Understanding Avaya Internet Protocol Server Interface Resets
I cut my teeth on Port Network (PN) outages when I joined Avaya’s Tier-3 backbone support back in 2006. I was assigned to supporting the S8700 series of duplexed Communication Manager (CM) servers just as CM 3 was being released. Back then, the timers were very tight and a large percentage of my trouble tickets were explaining to customers why an IPSI (Internet Protocol Server Interface) reset, which in turn caused a port network outage.
Avaya uses several different heartbeat mechanisms so that devices know if they have lost connectivity. In the case of port networks, which means any IPSI-controlled cabinet (such as a G650), the heartbeat is variously known as a Sanity Checkslot, Socket Sanity, or IPSI Sanity. This TCP heartbeat is sent to every IPSI every second by the active CM-main (and in duplex CM also by the standby CM). So, if you were to have CM-duplex and duplicated IPSIs in each of the maximum of 64-port networks (2 CM*2 IPSI *64 PN) 256 heartbeats would fly through the network each second.
Originally, the IPSI would react if only three consecutive heartbeats went missing. Starting in CM 3.13, the timer was administrable by an Avaya engineer and in CM 5.0 it became administrable by customers on the CM change system-parameters ipserver-interface form. Now the IPSI Socket Sanity Timeout defaults to 15 seconds (values: 3 to 15 seconds). Data from CM substitutes for missing heartbeats.
Frequently, the cause of missing heartbeats is a mismatch between the IPSI being locked to communicate 100 Mbps/full duplex while the Ethernet switch was set to auto-negotiate (resulting in a half-duplex connection), or vice versa. Also, not enabling quality of service (QoS) to give priority to IPSI traffic, or not segregating the IPSI traffic into a separate physical/virtual LANs, frequently caused problems.
Upon detecting the outage, the IPSI assumes it is sick and reacts by performing a warm reset. During the warm reset, stable calls using resources within the PN stay up. But neither new calls can be initiated nor established calls transition to some other state (e.g. hold) for the obvious reason that there is no connection to CM to manage such transactions. The IPSI’s warm reset generally takes only a few seconds.
If it still doesn’t get heartbeats or data from CM, then after a default of 60 seconds (values: 60 to 120 seconds) the IPSI escalates to a cold reset. All calls using resources within the PN are dropped.
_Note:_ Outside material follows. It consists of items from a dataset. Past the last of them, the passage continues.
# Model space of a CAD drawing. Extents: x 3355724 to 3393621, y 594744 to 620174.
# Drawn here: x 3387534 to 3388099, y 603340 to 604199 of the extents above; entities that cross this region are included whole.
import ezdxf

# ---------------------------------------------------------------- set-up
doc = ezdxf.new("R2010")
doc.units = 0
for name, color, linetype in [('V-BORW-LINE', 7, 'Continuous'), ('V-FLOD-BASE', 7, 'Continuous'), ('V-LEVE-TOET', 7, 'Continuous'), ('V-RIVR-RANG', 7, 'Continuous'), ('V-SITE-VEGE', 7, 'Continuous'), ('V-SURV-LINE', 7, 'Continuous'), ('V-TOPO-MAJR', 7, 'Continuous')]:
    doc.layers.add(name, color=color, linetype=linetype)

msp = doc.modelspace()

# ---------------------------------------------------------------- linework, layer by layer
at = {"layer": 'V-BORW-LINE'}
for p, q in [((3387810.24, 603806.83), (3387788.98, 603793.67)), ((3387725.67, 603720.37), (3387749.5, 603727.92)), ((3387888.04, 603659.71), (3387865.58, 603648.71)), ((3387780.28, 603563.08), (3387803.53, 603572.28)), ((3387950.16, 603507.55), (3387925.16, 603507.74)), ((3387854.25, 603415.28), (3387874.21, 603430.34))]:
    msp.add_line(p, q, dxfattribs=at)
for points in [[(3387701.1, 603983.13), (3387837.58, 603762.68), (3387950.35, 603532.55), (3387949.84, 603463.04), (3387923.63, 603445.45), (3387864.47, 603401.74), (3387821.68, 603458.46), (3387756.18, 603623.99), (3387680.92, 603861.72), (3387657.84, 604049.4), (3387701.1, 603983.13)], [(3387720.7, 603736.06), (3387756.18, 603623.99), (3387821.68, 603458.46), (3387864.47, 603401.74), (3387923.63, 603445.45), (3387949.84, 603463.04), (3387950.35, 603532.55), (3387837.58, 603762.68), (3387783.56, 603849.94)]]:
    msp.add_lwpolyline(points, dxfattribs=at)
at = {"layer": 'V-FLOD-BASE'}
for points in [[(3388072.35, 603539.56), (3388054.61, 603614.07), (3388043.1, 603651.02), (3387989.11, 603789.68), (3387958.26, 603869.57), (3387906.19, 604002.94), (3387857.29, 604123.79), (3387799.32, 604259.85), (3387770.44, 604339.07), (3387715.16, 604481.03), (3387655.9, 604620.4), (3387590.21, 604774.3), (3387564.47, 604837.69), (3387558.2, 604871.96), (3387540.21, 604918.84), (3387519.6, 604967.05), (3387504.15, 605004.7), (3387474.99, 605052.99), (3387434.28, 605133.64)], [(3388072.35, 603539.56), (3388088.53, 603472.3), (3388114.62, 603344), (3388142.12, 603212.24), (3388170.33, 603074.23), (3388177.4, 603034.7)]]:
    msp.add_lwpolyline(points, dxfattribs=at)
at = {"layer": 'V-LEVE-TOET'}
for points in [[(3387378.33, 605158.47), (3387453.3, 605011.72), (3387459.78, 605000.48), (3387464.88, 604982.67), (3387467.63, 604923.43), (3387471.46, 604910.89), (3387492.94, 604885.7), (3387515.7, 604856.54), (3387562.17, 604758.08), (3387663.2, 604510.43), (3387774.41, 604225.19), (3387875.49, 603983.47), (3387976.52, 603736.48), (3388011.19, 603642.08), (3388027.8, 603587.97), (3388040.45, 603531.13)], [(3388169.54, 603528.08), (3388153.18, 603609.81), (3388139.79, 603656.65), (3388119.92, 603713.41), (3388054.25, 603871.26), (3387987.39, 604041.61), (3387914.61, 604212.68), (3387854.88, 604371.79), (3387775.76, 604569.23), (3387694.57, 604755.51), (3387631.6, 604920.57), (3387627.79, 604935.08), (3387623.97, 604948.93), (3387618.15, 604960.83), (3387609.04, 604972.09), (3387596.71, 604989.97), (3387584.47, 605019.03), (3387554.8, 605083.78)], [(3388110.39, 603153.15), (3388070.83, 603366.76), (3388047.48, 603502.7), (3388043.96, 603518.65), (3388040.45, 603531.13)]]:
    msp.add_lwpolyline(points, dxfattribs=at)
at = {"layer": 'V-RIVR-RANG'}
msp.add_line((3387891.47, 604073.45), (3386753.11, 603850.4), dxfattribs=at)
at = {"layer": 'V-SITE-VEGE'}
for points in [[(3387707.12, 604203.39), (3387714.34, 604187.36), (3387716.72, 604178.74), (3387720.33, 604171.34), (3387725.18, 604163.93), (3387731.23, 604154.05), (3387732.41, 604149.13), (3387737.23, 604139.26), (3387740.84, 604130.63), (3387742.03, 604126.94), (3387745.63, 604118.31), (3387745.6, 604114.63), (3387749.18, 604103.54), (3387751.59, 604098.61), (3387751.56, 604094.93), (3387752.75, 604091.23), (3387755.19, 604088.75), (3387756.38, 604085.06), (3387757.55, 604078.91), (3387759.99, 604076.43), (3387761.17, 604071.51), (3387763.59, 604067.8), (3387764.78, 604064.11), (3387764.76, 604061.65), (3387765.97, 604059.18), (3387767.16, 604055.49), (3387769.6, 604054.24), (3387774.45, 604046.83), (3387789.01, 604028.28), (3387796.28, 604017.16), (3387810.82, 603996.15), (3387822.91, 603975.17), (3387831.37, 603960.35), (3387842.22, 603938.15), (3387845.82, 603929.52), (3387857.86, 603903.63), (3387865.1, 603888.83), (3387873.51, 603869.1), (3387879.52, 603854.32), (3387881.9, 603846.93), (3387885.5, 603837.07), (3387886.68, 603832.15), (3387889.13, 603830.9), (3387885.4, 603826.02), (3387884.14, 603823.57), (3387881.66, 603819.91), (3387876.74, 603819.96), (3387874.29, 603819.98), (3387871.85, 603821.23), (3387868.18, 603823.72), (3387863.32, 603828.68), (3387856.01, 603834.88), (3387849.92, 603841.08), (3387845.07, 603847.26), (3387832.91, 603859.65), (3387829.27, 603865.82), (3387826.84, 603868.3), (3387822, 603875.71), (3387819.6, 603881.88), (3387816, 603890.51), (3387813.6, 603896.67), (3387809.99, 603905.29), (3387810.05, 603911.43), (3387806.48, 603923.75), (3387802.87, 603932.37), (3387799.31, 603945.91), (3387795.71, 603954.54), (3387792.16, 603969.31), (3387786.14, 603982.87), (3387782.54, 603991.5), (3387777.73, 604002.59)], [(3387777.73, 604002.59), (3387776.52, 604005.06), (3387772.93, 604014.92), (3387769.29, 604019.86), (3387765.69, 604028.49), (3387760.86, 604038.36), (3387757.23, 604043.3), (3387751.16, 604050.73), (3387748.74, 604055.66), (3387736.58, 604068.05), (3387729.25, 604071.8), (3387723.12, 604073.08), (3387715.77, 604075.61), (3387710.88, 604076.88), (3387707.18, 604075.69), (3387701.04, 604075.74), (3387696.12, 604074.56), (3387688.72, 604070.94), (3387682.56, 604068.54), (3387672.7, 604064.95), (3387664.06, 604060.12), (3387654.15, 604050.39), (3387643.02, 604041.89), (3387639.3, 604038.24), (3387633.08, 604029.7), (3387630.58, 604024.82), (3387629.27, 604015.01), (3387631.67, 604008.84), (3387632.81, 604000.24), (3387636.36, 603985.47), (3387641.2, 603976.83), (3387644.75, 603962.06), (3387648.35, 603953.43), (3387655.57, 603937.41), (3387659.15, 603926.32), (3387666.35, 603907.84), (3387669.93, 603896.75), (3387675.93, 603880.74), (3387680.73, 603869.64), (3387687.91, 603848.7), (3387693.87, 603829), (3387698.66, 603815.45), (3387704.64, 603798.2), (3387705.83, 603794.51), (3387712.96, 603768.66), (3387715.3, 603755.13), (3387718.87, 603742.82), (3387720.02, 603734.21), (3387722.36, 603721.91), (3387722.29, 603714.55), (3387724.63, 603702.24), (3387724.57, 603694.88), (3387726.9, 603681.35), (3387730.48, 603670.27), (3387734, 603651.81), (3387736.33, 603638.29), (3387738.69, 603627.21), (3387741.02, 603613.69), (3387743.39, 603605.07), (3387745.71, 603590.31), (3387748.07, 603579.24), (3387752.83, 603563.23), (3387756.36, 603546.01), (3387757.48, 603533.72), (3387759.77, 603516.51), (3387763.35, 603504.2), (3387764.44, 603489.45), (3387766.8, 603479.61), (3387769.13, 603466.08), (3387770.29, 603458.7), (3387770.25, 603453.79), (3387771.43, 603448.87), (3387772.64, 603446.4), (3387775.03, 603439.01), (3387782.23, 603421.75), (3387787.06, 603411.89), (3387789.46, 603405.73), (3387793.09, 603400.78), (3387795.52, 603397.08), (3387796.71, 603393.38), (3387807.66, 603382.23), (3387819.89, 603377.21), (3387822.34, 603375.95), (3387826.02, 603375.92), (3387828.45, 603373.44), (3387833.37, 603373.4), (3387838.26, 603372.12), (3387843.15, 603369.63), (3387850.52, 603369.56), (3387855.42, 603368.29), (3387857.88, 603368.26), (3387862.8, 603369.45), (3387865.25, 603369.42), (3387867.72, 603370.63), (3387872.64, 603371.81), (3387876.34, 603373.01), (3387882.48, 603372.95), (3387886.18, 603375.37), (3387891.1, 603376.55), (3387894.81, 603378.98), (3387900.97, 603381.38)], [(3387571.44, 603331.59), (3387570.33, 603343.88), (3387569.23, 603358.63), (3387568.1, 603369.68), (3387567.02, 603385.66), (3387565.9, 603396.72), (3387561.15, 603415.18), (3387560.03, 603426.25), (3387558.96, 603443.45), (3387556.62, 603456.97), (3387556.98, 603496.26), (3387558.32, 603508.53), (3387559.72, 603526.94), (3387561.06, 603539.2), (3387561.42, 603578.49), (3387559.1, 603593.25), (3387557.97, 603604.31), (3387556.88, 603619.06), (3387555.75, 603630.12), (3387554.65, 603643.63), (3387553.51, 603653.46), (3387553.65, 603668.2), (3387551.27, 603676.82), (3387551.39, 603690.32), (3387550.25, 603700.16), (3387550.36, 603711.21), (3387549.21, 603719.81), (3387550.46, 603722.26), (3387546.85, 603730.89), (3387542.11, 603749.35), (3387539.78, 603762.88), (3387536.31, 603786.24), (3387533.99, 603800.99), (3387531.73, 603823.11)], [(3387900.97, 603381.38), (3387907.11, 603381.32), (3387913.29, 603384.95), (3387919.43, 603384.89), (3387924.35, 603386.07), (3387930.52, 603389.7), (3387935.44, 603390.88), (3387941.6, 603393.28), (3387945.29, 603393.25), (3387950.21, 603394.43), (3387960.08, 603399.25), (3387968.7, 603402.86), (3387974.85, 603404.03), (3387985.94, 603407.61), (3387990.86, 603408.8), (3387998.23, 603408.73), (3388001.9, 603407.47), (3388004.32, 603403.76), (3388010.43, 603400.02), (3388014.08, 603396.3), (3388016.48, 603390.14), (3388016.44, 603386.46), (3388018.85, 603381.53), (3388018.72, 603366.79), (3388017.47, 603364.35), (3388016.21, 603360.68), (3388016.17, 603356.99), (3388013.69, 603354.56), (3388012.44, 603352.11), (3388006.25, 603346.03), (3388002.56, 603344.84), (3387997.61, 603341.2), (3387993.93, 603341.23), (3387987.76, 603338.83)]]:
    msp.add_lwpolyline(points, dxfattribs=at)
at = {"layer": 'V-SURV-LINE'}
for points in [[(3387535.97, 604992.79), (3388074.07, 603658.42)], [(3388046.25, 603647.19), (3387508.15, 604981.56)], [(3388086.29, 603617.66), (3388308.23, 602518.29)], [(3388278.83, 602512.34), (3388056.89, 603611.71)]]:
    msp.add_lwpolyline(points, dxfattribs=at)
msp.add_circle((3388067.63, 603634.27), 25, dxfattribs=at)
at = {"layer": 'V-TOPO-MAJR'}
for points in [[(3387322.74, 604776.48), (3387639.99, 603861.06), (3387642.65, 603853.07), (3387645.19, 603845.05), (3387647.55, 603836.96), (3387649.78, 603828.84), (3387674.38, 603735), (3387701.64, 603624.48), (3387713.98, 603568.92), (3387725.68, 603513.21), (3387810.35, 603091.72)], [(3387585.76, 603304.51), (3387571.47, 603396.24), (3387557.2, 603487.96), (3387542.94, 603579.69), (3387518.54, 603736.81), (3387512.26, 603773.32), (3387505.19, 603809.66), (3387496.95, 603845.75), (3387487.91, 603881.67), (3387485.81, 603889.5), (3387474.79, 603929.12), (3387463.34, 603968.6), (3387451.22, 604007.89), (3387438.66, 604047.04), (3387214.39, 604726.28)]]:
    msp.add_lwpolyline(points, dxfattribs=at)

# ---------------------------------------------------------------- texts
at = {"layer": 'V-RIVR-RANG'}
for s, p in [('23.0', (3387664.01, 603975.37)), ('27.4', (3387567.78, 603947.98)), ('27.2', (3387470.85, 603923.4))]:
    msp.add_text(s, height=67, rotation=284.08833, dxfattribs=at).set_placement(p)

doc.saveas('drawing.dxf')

On the change system-parameters port-networks form, the PN cold reset delay timer can be modified.
Next, based on the No Service Time Out Interval, the IPSI then waits for a default of 5 minutes (values: 2 to 15 minutes). During that time, while the IPSI is waiting for communication from CM-main, the resources within that PN are unavailable. Note that if one heartbeat gets through, perhaps on a flapping WAN circuit, the timer resets and the countdown starts from the beginning. If the No Service Time Out timer expires, the IPSI then attempts to register to a CM-Survivable Core (SC), formerly known as Enterprise Survivable Servers.
Each IPSI manages its own prioritized list of addresses for up to seven CM-SC, plus the CM-Main, which is always first on the list. Actually, it is in how the CM-SCs are configured that determines the server list for the IPSI. And it is the job of the CM-SC to advertise its own values to the IPSIs so that each IPSI can generate the appropriate list of eight server addresses. A customer can have up to 63 CM-SC. Note that IPSIs cannot register to CM-Survivable Remote (formerly known as Local Survivable Processors) servers.
The preference setting (System Preferred/Local Preferred, Local Only) along with a Community Size field and a Priority Score field, determines the server’s priority on IPSI’s lists. How to assign weighting of these values is beyond the scope of this article.
Each server in a CM-Duplex configuration is constantly comparing its health to the other. One statistic among many they compare is how many IPSIs each one can communicate with right now. If the standby server can communicate with more IPSIs than the active server, the standby takes over and makes itself Active. This can cause frequent server interchanges if an unreliable WAN link connection to a PN causes some of the heartbeats to get lost. So, Avaya introduced the option to Ignore Connectivity in Server Arbitration on the change ipserver-interface n form, thereby potentially reducing interchanges.
I have ignored duplicated IPSIs because I am not a big fan of them. Most of the IPSI-related tickets I’ve received were caused by network issues that duplicated IPSIs would not have protected against.
Based on my experiences, I recommend helping calls in progress stay up as long as they can by delaying the Port Network Cold Reset to 120 seconds. Then I suggest hurrying the registration to a CM-SC by setting the No Service Time Out to 2 minutes.
Although PNs are fading from Avaya’s product mix, they are a solid technology representing 30 years of development. Many customers will rely on them for years to come.